#### DATA RECORDS:
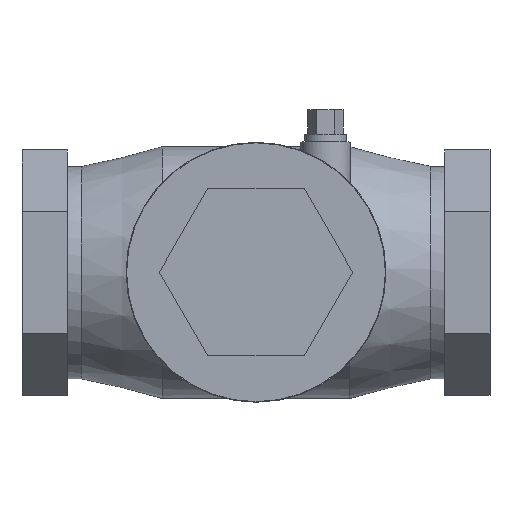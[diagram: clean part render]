
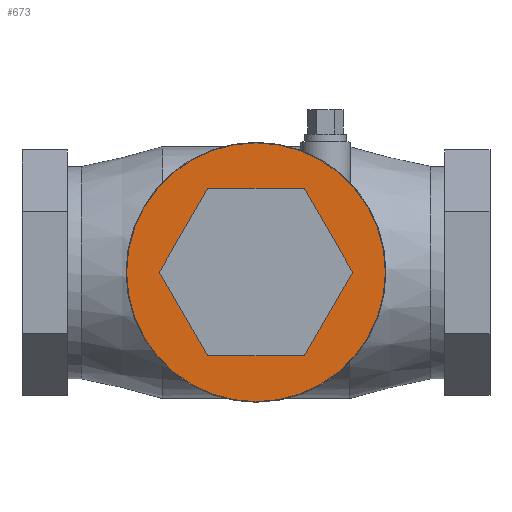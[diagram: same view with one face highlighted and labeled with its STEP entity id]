
A CAD part, top view. The second image highlights one B-rep face of the part: STEP entity #673.
In plain terms, the highlighted planar face has unit normal (0, 0, 1).
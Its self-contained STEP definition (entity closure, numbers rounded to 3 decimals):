
#673 = ADVANCED_FACE('',(#674,#714),#687,.T.);
#674 = FACE_BOUND('',#675,.T.);
#675 = EDGE_LOOP('',(#676));
#676 = ORIENTED_EDGE('',*,*,#677,.F.);
#677 = EDGE_CURVE('',#678,#678,#680,.T.);
#678 = VERTEX_POINT('',#679);
#679 = CARTESIAN_POINT('',(3.665,0.,2.238));
#680 = SURFACE_CURVE('',#681,(#686,#702),.PCURVE_S1.);
#681 = CIRCLE('',#682,1.305);
#682 = AXIS2_PLACEMENT_3D('',#683,#684,#685);
#683 = CARTESIAN_POINT('',(2.36,0.,2.238));
#684 = DIRECTION('',(0.,0.,-1.));
#685 = DIRECTION('',(1.,0.,0.));
#686 = PCURVE('',#687,#692);
#687 = PLANE('',#688);
#688 = AXIS2_PLACEMENT_3D('',#689,#690,#691);
#689 = CARTESIAN_POINT('',(2.36,0.,2.238));
#690 = DIRECTION('',(0.,0.,1.));
#691 = DIRECTION('',(1.,0.,-0.));
#692 = DEFINITIONAL_REPRESENTATION('',(#693),#701);
#693 = ( BOUNDED_CURVE() B_SPLINE_CURVE(2,(#694,#695,#696,#697,#698,#699
,#700),.UNSPECIFIED.,.T.,.F.) B_SPLINE_CURVE_WITH_KNOTS((1,2,2,2,2,1),(
    -2.094,0.,2.094,4.189,6.283,
8.378),.UNSPECIFIED.) CURVE() GEOMETRIC_REPRESENTATION_ITEM() 
RATIONAL_B_SPLINE_CURVE((1.,0.5,1.,0.5,1.,0.5,1.)) REPRESENTATION_ITEM(
  '') );
#694 = CARTESIAN_POINT('',(1.305,0.));
#695 = CARTESIAN_POINT('',(1.305,-2.26));
#696 = CARTESIAN_POINT('',(-0.653,-1.13));
#697 = CARTESIAN_POINT('',(-2.61,0.));
#698 = CARTESIAN_POINT('',(-0.653,1.13));
#699 = CARTESIAN_POINT('',(1.305,2.26));
#700 = CARTESIAN_POINT('',(1.305,0.));
#701 = ( GEOMETRIC_REPRESENTATION_CONTEXT(2) 
PARAMETRIC_REPRESENTATION_CONTEXT() REPRESENTATION_CONTEXT('2D SPACE',''
  ) );
#702 = PCURVE('',#703,#708);
#703 = CYLINDRICAL_SURFACE('',#704,1.305);
#704 = AXIS2_PLACEMENT_3D('',#705,#706,#707);
#705 = CARTESIAN_POINT('',(2.36,0.,2.013));
#706 = DIRECTION('',(0.,0.,1.));
#707 = DIRECTION('',(1.,0.,-0.));
#708 = DEFINITIONAL_REPRESENTATION('',(#709),#713);
#709 = LINE('',#710,#711);
#710 = CARTESIAN_POINT('',(6.283,0.225));
#711 = VECTOR('',#712,1.);
#712 = DIRECTION('',(-1.,0.));
#713 = ( GEOMETRIC_REPRESENTATION_CONTEXT(2) 
PARAMETRIC_REPRESENTATION_CONTEXT() REPRESENTATION_CONTEXT('2D SPACE',''
  ) );
#714 = FACE_BOUND('',#715,.T.);
#715 = EDGE_LOOP('',(#716,#746,#774,#802,#830,#858));
#716 = ORIENTED_EDGE('',*,*,#717,.F.);
#717 = EDGE_CURVE('',#718,#720,#722,.T.);
#718 = VERTEX_POINT('',#719);
#719 = CARTESIAN_POINT('',(1.873,-0.844,2.238));
#720 = VERTEX_POINT('',#721);
#721 = CARTESIAN_POINT('',(2.847,-0.844,2.238));
#722 = SURFACE_CURVE('',#723,(#727,#734),.PCURVE_S1.);
#723 = LINE('',#724,#725);
#724 = CARTESIAN_POINT('',(1.873,-0.844,2.238));
#725 = VECTOR('',#726,1.);
#726 = DIRECTION('',(1.,0.,0.));
#727 = PCURVE('',#687,#728);
#728 = DEFINITIONAL_REPRESENTATION('',(#729),#733);
#729 = LINE('',#730,#731);
#730 = CARTESIAN_POINT('',(-0.487,-0.844));
#731 = VECTOR('',#732,1.);
#732 = DIRECTION('',(1.,0.));
#733 = ( GEOMETRIC_REPRESENTATION_CONTEXT(2) 
PARAMETRIC_REPRESENTATION_CONTEXT() REPRESENTATION_CONTEXT('2D SPACE',''
  ) );
#734 = PCURVE('',#735,#740);
#735 = PLANE('',#736);
#736 = AXIS2_PLACEMENT_3D('',#737,#738,#739);
#737 = CARTESIAN_POINT('',(2.36,-0.844,2.238));
#738 = DIRECTION('',(0.,-1.,0.));
#739 = DIRECTION('',(1.,0.,0.));
#740 = DEFINITIONAL_REPRESENTATION('',(#741),#745);
#741 = LINE('',#742,#743);
#742 = CARTESIAN_POINT('',(-0.487,0.));
#743 = VECTOR('',#744,1.);
#744 = DIRECTION('',(1.,0.));
#745 = ( GEOMETRIC_REPRESENTATION_CONTEXT(2) 
PARAMETRIC_REPRESENTATION_CONTEXT() REPRESENTATION_CONTEXT('2D SPACE',''
  ) );
#746 = ORIENTED_EDGE('',*,*,#747,.F.);
#747 = EDGE_CURVE('',#748,#718,#750,.T.);
#748 = VERTEX_POINT('',#749);
#749 = CARTESIAN_POINT('',(1.385,0.,2.238));
#750 = SURFACE_CURVE('',#751,(#755,#762),.PCURVE_S1.);
#751 = LINE('',#752,#753);
#752 = CARTESIAN_POINT('',(1.385,0.,2.238));
#753 = VECTOR('',#754,1.);
#754 = DIRECTION('',(0.5,-0.866,0.));
#755 = PCURVE('',#687,#756);
#756 = DEFINITIONAL_REPRESENTATION('',(#757),#761);
#757 = LINE('',#758,#759);
#758 = CARTESIAN_POINT('',(-0.975,0.));
#759 = VECTOR('',#760,1.);
#760 = DIRECTION('',(0.5,-0.866));
#761 = ( GEOMETRIC_REPRESENTATION_CONTEXT(2) 
PARAMETRIC_REPRESENTATION_CONTEXT() REPRESENTATION_CONTEXT('2D SPACE',''
  ) );
#762 = PCURVE('',#763,#768);
#763 = PLANE('',#764);
#764 = AXIS2_PLACEMENT_3D('',#765,#766,#767);
#765 = CARTESIAN_POINT('',(1.629,-0.422,2.238));
#766 = DIRECTION('',(-0.866,-0.5,0.));
#767 = DIRECTION('',(0.5,-0.866,0.));
#768 = DEFINITIONAL_REPRESENTATION('',(#769),#773);
#769 = LINE('',#770,#771);
#770 = CARTESIAN_POINT('',(-0.487,0.));
#771 = VECTOR('',#772,1.);
#772 = DIRECTION('',(1.,0.));
#773 = ( GEOMETRIC_REPRESENTATION_CONTEXT(2) 
PARAMETRIC_REPRESENTATION_CONTEXT() REPRESENTATION_CONTEXT('2D SPACE',''
  ) );
#774 = ORIENTED_EDGE('',*,*,#775,.F.);
#775 = EDGE_CURVE('',#776,#748,#778,.T.);
#776 = VERTEX_POINT('',#777);
#777 = CARTESIAN_POINT('',(1.873,0.844,2.238));
#778 = SURFACE_CURVE('',#779,(#783,#790),.PCURVE_S1.);
#779 = LINE('',#780,#781);
#780 = CARTESIAN_POINT('',(1.873,0.844,2.238));
#781 = VECTOR('',#782,1.);
#782 = DIRECTION('',(-0.5,-0.866,0.));
#783 = PCURVE('',#687,#784);
#784 = DEFINITIONAL_REPRESENTATION('',(#785),#789);
#785 = LINE('',#786,#787);
#786 = CARTESIAN_POINT('',(-0.487,0.844));
#787 = VECTOR('',#788,1.);
#788 = DIRECTION('',(-0.5,-0.866));
#789 = ( GEOMETRIC_REPRESENTATION_CONTEXT(2) 
PARAMETRIC_REPRESENTATION_CONTEXT() REPRESENTATION_CONTEXT('2D SPACE',''
  ) );
#790 = PCURVE('',#791,#796);
#791 = PLANE('',#792);
#792 = AXIS2_PLACEMENT_3D('',#793,#794,#795);
#793 = CARTESIAN_POINT('',(1.629,0.422,2.238));
#794 = DIRECTION('',(-0.866,0.5,0.));
#795 = DIRECTION('',(-0.5,-0.866,0.));
#796 = DEFINITIONAL_REPRESENTATION('',(#797),#801);
#797 = LINE('',#798,#799);
#798 = CARTESIAN_POINT('',(-0.487,0.));
#799 = VECTOR('',#800,1.);
#800 = DIRECTION('',(1.,0.));
#801 = ( GEOMETRIC_REPRESENTATION_CONTEXT(2) 
PARAMETRIC_REPRESENTATION_CONTEXT() REPRESENTATION_CONTEXT('2D SPACE',''
  ) );
#802 = ORIENTED_EDGE('',*,*,#803,.F.);
#803 = EDGE_CURVE('',#804,#776,#806,.T.);
#804 = VERTEX_POINT('',#805);
#805 = CARTESIAN_POINT('',(2.847,0.844,2.238));
#806 = SURFACE_CURVE('',#807,(#811,#818),.PCURVE_S1.);
#807 = LINE('',#808,#809);
#808 = CARTESIAN_POINT('',(2.847,0.844,2.238));
#809 = VECTOR('',#810,1.);
#810 = DIRECTION('',(-1.,0.,0.));
#811 = PCURVE('',#687,#812);
#812 = DEFINITIONAL_REPRESENTATION('',(#813),#817);
#813 = LINE('',#814,#815);
#814 = CARTESIAN_POINT('',(0.487,0.844));
#815 = VECTOR('',#816,1.);
#816 = DIRECTION('',(-1.,0.));
#817 = ( GEOMETRIC_REPRESENTATION_CONTEXT(2) 
PARAMETRIC_REPRESENTATION_CONTEXT() REPRESENTATION_CONTEXT('2D SPACE',''
  ) );
#818 = PCURVE('',#819,#824);
#819 = PLANE('',#820);
#820 = AXIS2_PLACEMENT_3D('',#821,#822,#823);
#821 = CARTESIAN_POINT('',(2.36,0.844,2.238));
#822 = DIRECTION('',(0.,1.,0.));
#823 = DIRECTION('',(-1.,0.,0.));
#824 = DEFINITIONAL_REPRESENTATION('',(#825),#829);
#825 = LINE('',#826,#827);
#826 = CARTESIAN_POINT('',(-0.487,0.));
#827 = VECTOR('',#828,1.);
#828 = DIRECTION('',(1.,0.));
#829 = ( GEOMETRIC_REPRESENTATION_CONTEXT(2) 
PARAMETRIC_REPRESENTATION_CONTEXT() REPRESENTATION_CONTEXT('2D SPACE',''
  ) );
#830 = ORIENTED_EDGE('',*,*,#831,.F.);
#831 = EDGE_CURVE('',#832,#804,#834,.T.);
#832 = VERTEX_POINT('',#833);
#833 = CARTESIAN_POINT('',(3.335,0.,2.238));
#834 = SURFACE_CURVE('',#835,(#839,#846),.PCURVE_S1.);
#835 = LINE('',#836,#837);
#836 = CARTESIAN_POINT('',(3.335,0.,2.238));
#837 = VECTOR('',#838,1.);
#838 = DIRECTION('',(-0.5,0.866,0.));
#839 = PCURVE('',#687,#840);
#840 = DEFINITIONAL_REPRESENTATION('',(#841),#845);
#841 = LINE('',#842,#843);
#842 = CARTESIAN_POINT('',(0.975,0.));
#843 = VECTOR('',#844,1.);
#844 = DIRECTION('',(-0.5,0.866));
#845 = ( GEOMETRIC_REPRESENTATION_CONTEXT(2) 
PARAMETRIC_REPRESENTATION_CONTEXT() REPRESENTATION_CONTEXT('2D SPACE',''
  ) );
#846 = PCURVE('',#847,#852);
#847 = PLANE('',#848);
#848 = AXIS2_PLACEMENT_3D('',#849,#850,#851);
#849 = CARTESIAN_POINT('',(3.091,0.422,2.238));
#850 = DIRECTION('',(0.866,0.5,0.));
#851 = DIRECTION('',(-0.5,0.866,0.));
#852 = DEFINITIONAL_REPRESENTATION('',(#853),#857);
#853 = LINE('',#854,#855);
#854 = CARTESIAN_POINT('',(-0.487,0.));
#855 = VECTOR('',#856,1.);
#856 = DIRECTION('',(1.,0.));
#857 = ( GEOMETRIC_REPRESENTATION_CONTEXT(2) 
PARAMETRIC_REPRESENTATION_CONTEXT() REPRESENTATION_CONTEXT('2D SPACE',''
  ) );
#858 = ORIENTED_EDGE('',*,*,#859,.F.);
#859 = EDGE_CURVE('',#720,#832,#860,.T.);
#860 = SURFACE_CURVE('',#861,(#865,#872),.PCURVE_S1.);
#861 = LINE('',#862,#863);
#862 = CARTESIAN_POINT('',(2.847,-0.844,2.238));
#863 = VECTOR('',#864,1.);
#864 = DIRECTION('',(0.5,0.866,0.));
#865 = PCURVE('',#687,#866);
#866 = DEFINITIONAL_REPRESENTATION('',(#867),#871);
#867 = LINE('',#868,#869);
#868 = CARTESIAN_POINT('',(0.487,-0.844));
#869 = VECTOR('',#870,1.);
#870 = DIRECTION('',(0.5,0.866));
#871 = ( GEOMETRIC_REPRESENTATION_CONTEXT(2) 
PARAMETRIC_REPRESENTATION_CONTEXT() REPRESENTATION_CONTEXT('2D SPACE',''
  ) );
#872 = PCURVE('',#873,#878);
#873 = PLANE('',#874);
#874 = AXIS2_PLACEMENT_3D('',#875,#876,#877);
#875 = CARTESIAN_POINT('',(3.091,-0.422,2.238));
#876 = DIRECTION('',(0.866,-0.5,0.));
#877 = DIRECTION('',(0.5,0.866,0.));
#878 = DEFINITIONAL_REPRESENTATION('',(#879),#883);
#879 = LINE('',#880,#881);
#880 = CARTESIAN_POINT('',(-0.487,0.));
#881 = VECTOR('',#882,1.);
#882 = DIRECTION('',(1.,0.));
#883 = ( GEOMETRIC_REPRESENTATION_CONTEXT(2) 
PARAMETRIC_REPRESENTATION_CONTEXT() REPRESENTATION_CONTEXT('2D SPACE',''
  ) );

#### DESCRIPTION OF THE TASK:
Search the material above for "UNSPECIFIED". Copy each line that has it.

#### RESPONSE TO THIS EXERCISE:
,#700),.UNSPECIFIED.,.T.,.F.) B_SPLINE_CURVE_WITH_KNOTS((1,2,2,2,2,1),(
8.378),.UNSPECIFIED.) CURVE() GEOMETRIC_REPRESENTATION_ITEM() 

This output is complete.